Task statement:
For the word "stored", state how many lines of the records include it, with no other text.

Supplied material:
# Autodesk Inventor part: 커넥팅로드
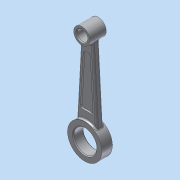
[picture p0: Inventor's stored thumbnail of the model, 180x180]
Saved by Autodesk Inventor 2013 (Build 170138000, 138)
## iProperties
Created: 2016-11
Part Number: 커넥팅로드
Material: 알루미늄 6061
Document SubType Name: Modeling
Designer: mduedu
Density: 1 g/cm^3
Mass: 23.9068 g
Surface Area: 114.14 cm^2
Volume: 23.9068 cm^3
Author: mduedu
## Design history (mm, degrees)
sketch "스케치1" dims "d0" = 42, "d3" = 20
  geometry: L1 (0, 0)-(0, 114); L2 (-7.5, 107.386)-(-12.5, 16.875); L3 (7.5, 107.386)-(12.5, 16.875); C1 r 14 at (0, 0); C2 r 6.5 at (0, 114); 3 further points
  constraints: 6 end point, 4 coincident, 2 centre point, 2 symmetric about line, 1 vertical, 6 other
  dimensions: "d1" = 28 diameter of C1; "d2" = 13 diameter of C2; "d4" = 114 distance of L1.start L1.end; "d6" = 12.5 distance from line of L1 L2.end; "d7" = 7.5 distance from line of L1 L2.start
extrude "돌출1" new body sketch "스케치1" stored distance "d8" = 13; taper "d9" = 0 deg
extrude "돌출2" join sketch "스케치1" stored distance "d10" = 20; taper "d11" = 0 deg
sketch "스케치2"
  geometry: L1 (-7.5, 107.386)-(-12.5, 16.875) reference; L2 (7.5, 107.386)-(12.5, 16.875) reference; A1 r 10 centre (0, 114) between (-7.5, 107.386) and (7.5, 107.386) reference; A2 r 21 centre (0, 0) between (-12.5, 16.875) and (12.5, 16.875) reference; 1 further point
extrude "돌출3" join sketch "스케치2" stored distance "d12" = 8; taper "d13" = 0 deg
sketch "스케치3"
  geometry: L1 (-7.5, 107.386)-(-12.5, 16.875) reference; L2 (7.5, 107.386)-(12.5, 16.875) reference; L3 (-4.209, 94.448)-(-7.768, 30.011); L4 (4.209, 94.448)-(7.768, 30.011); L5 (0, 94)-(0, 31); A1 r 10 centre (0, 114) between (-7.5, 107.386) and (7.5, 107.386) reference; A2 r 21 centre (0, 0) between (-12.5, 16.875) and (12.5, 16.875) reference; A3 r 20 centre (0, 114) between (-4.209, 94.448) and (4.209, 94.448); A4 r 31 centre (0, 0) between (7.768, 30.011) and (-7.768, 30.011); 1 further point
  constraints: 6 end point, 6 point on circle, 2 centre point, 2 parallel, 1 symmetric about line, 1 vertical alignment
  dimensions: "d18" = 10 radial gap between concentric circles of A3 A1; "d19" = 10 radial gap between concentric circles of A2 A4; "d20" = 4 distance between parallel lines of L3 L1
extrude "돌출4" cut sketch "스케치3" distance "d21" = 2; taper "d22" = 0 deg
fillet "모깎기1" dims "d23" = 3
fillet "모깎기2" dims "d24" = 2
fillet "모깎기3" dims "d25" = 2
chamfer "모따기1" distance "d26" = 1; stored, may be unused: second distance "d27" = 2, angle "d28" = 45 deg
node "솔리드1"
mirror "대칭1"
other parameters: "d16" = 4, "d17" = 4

Answer for this exercise:
5